>>>

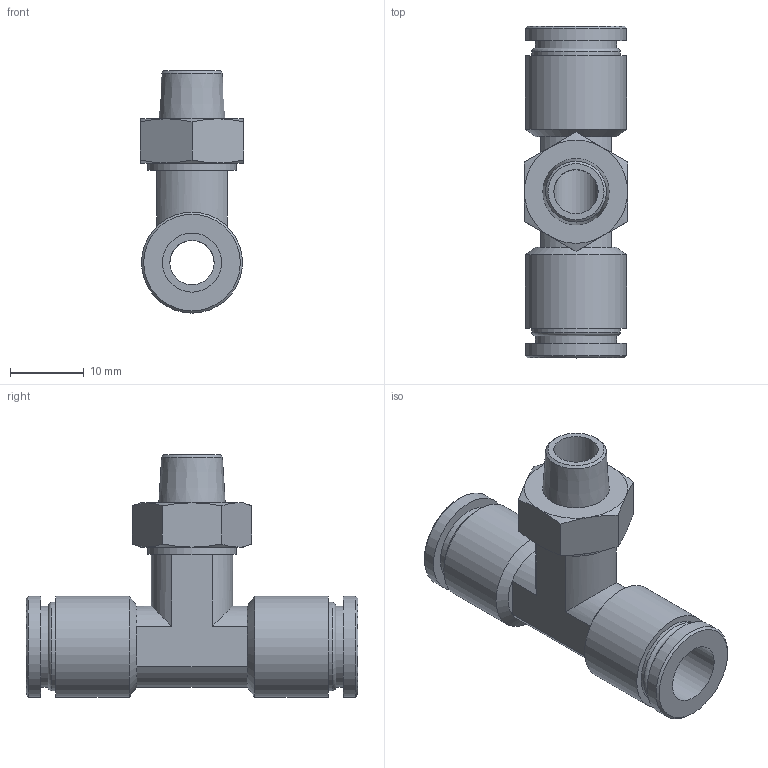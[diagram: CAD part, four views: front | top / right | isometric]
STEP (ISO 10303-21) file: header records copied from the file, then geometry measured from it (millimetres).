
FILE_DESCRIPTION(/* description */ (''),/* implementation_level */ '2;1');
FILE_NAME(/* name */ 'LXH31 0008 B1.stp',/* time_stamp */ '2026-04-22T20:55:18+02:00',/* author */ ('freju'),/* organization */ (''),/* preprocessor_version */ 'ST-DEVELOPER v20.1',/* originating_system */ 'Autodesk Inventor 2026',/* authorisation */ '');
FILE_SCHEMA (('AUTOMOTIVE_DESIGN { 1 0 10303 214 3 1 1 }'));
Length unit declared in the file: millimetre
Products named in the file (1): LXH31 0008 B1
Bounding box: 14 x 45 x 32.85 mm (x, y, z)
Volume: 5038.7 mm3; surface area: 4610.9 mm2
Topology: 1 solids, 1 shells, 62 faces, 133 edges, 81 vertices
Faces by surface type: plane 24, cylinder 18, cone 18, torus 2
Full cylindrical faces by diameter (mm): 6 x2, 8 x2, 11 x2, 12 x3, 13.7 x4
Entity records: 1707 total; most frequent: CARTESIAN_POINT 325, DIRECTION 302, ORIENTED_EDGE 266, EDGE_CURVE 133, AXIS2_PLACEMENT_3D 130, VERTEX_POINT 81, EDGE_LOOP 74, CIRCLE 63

<<<

### [Problem to solve]
From the material above, reproduce everything verbatim except the pictures.

### [Response to the exercise]
[diagram: CAD part, four views: front | top / right | isometric]
STEP (ISO 10303-21) file: header records copied from the file, then geometry measured from it (millimetres).
FILE_DESCRIPTION(/* description */ (''),/* implementation_level */ '2;1');
FILE_NAME(/* name */ 'LXH31 0008 B1.stp',/* time_stamp */ '2026-04-22T20:55:18+02:00',/* author */ ('freju'),/* organization */ (''),/* preprocessor_version */ 'ST-DEVELOPER v20.1',/* originating_system */ 'Autodesk Inventor 2026',/* authorisation */ '');
FILE_SCHEMA (('AUTOMOTIVE_DESIGN { 1 0 10303 214 3 1 1 }'));
Length unit declared in the file: millimetre
Products named in the file (1): LXH31 0008 B1
Bounding box: 14 x 45 x 32.85 mm (x, y, z)
Volume: 5038.7 mm3; surface area: 4610.9 mm2
Topology: 1 solids, 1 shells, 62 faces, 133 edges, 81 vertices
Faces by surface type: plane 24, cylinder 18, cone 18, torus 2
Full cylindrical faces by diameter (mm): 6 x2, 8 x2, 11 x2, 12 x3, 13.7 x4
Entity records: 1707 total; most frequent: CARTESIAN_POINT 325, DIRECTION 302, ORIENTED_EDGE 266, EDGE_CURVE 133, AXIS2_PLACEMENT_3D 130, VERTEX_POINT 81, EDGE_LOOP 74, CIRCLE 63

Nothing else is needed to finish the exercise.